▶ **THE PROBLEM**: In the entries below, find the line with "#10589=DIRECTION('center_axis',(0.,0.,-1.));" and the line with "#24872=CARTESIAN_POINT('',(21.221,31.523,-322.02));". Reproduce those two lines and every line between them exactly, and nothing more.

▶ **INPUT DATA**:
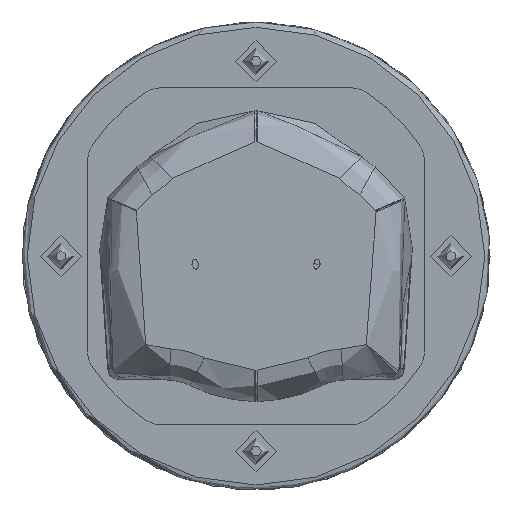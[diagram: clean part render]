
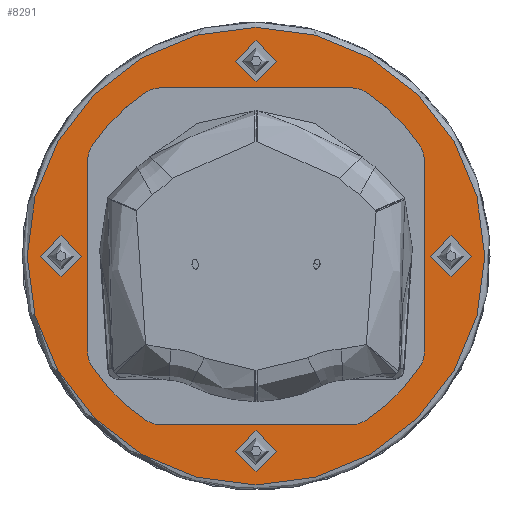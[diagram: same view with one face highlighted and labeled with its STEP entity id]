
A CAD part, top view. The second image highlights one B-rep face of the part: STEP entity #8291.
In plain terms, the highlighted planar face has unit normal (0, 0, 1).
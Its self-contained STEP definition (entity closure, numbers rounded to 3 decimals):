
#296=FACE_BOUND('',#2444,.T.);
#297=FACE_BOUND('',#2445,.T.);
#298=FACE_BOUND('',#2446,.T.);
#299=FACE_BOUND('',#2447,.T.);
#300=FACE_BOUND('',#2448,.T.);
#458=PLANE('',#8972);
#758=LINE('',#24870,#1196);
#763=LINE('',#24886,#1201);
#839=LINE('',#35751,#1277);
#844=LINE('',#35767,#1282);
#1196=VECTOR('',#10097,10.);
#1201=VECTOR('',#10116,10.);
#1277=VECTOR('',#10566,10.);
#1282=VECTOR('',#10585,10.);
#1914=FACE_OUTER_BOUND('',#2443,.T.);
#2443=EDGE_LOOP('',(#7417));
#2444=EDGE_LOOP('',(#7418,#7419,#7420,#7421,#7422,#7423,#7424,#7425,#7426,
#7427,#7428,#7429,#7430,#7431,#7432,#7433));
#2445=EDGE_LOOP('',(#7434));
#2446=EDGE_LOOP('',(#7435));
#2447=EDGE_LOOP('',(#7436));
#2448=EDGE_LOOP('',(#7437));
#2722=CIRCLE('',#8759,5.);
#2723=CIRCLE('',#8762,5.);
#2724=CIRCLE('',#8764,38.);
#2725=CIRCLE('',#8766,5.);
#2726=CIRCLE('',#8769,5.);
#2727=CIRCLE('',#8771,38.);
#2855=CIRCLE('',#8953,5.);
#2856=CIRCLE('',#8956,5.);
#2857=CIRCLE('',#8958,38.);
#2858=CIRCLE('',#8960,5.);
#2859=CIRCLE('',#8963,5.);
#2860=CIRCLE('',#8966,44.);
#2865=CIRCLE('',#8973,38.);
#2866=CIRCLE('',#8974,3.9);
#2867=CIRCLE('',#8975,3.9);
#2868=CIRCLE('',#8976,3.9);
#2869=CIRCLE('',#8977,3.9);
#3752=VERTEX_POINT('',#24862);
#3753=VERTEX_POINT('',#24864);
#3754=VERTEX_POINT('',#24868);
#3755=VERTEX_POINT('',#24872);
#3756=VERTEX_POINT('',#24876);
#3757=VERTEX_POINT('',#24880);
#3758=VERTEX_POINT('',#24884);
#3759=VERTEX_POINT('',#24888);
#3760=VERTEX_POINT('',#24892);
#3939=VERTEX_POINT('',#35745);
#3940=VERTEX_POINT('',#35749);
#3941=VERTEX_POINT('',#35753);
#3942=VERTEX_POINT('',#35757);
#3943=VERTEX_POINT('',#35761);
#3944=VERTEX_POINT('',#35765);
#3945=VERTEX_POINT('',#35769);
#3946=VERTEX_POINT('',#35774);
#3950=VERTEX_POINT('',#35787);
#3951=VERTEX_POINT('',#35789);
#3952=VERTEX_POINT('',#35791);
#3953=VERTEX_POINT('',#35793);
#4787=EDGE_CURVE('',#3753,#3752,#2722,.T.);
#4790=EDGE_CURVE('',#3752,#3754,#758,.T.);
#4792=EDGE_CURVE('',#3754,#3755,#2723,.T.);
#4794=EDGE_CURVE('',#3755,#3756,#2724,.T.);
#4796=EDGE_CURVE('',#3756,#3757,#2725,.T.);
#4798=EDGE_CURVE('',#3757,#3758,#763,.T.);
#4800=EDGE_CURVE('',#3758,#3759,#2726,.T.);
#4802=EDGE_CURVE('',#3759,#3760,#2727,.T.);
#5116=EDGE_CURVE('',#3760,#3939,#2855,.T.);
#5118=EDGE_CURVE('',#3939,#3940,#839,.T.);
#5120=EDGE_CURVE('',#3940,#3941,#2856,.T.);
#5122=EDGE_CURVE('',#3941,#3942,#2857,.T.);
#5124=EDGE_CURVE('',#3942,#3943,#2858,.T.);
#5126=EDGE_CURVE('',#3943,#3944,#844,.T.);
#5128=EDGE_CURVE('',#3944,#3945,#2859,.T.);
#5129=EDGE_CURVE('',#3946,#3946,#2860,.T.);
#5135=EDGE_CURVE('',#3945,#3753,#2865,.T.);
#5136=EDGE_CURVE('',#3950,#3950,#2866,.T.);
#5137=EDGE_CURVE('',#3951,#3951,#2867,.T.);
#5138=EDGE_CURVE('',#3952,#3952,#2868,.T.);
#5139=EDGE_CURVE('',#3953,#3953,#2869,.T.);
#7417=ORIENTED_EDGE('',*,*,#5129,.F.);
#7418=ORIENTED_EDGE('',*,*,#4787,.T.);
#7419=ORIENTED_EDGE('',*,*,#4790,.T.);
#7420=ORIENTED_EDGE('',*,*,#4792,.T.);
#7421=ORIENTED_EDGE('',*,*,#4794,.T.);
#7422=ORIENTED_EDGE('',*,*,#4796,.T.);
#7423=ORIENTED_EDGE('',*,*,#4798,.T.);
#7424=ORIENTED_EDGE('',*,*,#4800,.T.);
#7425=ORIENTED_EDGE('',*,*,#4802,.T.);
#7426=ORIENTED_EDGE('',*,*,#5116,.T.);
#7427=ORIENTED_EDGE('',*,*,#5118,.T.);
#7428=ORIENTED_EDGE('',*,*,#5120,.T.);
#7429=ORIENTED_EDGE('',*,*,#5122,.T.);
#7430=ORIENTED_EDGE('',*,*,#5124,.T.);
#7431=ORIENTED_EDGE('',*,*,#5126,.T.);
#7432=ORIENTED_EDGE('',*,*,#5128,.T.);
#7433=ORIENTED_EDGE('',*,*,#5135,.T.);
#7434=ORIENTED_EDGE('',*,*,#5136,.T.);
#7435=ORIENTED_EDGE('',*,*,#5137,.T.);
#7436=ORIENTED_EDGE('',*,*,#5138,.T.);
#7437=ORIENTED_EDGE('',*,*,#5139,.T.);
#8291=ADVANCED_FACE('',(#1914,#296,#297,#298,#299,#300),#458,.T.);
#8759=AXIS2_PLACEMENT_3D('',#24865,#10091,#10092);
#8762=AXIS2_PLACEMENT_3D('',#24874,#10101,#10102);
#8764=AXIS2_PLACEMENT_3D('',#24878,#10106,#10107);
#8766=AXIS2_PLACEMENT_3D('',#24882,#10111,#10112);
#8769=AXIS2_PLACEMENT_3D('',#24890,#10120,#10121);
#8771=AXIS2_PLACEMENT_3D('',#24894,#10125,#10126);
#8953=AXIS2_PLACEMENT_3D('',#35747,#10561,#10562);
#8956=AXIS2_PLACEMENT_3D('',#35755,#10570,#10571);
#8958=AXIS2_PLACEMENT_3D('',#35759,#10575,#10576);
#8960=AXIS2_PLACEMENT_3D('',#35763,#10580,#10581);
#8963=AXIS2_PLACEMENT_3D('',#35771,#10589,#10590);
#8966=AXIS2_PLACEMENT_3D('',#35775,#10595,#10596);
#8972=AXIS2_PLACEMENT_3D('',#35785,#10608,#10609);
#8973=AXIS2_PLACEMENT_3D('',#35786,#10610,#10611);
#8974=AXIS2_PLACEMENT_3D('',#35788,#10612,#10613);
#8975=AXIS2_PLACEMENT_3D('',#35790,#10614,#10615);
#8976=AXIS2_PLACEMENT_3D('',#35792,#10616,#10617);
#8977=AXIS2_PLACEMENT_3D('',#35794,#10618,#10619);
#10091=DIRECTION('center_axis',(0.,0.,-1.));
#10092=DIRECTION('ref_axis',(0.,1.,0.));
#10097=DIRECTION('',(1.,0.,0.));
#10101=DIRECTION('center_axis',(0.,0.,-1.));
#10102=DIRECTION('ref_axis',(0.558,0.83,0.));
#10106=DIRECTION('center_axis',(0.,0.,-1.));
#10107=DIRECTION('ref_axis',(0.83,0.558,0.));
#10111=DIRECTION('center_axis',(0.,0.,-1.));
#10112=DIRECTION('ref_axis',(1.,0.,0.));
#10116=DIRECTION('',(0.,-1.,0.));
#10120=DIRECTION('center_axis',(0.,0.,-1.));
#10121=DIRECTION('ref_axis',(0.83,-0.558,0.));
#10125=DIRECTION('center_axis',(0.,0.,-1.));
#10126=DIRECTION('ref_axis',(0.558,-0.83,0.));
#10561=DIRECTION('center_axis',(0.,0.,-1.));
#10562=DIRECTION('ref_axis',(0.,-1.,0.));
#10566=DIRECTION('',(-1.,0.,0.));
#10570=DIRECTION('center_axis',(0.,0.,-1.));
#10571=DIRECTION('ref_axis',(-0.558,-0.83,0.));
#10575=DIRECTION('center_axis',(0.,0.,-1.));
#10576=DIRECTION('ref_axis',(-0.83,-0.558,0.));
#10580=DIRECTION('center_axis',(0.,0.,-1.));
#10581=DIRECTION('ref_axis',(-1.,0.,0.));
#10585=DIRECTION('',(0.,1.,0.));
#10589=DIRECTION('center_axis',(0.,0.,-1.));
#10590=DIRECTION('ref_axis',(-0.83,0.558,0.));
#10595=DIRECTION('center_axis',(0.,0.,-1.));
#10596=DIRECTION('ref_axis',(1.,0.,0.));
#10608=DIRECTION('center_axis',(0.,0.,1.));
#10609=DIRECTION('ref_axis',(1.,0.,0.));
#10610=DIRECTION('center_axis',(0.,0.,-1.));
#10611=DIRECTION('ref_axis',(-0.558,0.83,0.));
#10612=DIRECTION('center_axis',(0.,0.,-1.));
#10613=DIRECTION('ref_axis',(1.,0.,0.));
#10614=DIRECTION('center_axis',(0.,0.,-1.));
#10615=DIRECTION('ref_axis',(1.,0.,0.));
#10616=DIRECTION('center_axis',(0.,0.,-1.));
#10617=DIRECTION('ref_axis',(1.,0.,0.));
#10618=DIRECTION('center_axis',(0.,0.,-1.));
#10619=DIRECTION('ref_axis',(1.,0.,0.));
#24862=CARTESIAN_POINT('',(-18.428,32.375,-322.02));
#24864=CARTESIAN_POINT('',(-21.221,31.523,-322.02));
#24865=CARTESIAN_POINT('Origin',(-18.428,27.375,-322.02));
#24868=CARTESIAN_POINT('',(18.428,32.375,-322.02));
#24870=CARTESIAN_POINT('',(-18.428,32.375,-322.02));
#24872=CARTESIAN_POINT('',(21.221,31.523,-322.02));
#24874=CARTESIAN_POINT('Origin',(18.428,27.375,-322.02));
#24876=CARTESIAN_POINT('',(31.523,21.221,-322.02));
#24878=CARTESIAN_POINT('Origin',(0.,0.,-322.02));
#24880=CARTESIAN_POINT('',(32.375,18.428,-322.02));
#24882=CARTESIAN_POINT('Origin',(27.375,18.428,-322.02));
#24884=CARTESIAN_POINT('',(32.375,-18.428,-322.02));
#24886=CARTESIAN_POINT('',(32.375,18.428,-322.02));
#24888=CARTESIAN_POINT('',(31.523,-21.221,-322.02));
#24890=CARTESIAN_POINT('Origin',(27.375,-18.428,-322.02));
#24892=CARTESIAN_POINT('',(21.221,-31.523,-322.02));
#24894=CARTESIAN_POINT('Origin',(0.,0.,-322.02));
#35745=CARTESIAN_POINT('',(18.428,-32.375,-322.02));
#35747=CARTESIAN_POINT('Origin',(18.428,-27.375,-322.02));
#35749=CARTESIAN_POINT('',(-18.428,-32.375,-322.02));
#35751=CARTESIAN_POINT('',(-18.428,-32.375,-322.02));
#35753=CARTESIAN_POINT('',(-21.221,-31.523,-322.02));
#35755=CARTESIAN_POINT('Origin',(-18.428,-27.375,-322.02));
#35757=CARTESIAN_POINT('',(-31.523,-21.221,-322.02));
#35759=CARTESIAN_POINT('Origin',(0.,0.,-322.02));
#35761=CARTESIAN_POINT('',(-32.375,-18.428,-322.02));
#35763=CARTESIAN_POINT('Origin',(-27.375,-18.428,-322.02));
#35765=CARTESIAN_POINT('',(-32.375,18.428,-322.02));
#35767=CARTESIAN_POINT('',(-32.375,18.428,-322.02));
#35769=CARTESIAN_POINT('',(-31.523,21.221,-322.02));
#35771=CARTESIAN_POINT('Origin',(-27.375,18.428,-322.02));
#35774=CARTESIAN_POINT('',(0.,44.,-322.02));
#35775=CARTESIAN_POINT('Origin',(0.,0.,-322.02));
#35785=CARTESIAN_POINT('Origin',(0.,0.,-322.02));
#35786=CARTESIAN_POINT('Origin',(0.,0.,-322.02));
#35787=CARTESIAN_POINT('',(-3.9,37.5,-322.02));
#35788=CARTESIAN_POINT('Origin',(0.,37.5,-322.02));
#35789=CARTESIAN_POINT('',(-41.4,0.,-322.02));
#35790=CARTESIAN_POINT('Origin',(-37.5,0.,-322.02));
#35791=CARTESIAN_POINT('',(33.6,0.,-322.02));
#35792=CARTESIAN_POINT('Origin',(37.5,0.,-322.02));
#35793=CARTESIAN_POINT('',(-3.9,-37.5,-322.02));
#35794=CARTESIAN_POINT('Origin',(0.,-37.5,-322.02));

▶ **RESPONSE BELOW**:
#10589=DIRECTION('center_axis',(0.,0.,-1.));
#10590=DIRECTION('ref_axis',(-0.83,0.558,0.));
#10595=DIRECTION('center_axis',(0.,0.,-1.));
#10596=DIRECTION('ref_axis',(1.,0.,0.));
#10608=DIRECTION('center_axis',(0.,0.,1.));
#10609=DIRECTION('ref_axis',(1.,0.,0.));
#10610=DIRECTION('center_axis',(0.,0.,-1.));
#10611=DIRECTION('ref_axis',(-0.558,0.83,0.));
#10612=DIRECTION('center_axis',(0.,0.,-1.));
#10613=DIRECTION('ref_axis',(1.,0.,0.));
#10614=DIRECTION('center_axis',(0.,0.,-1.));
#10615=DIRECTION('ref_axis',(1.,0.,0.));
#10616=DIRECTION('center_axis',(0.,0.,-1.));
#10617=DIRECTION('ref_axis',(1.,0.,0.));
#10618=DIRECTION('center_axis',(0.,0.,-1.));
#10619=DIRECTION('ref_axis',(1.,0.,0.));
#24862=CARTESIAN_POINT('',(-18.428,32.375,-322.02));
#24864=CARTESIAN_POINT('',(-21.221,31.523,-322.02));
#24865=CARTESIAN_POINT('Origin',(-18.428,27.375,-322.02));
#24868=CARTESIAN_POINT('',(18.428,32.375,-322.02));
#24870=CARTESIAN_POINT('',(-18.428,32.375,-322.02));
#24872=CARTESIAN_POINT('',(21.221,31.523,-322.02));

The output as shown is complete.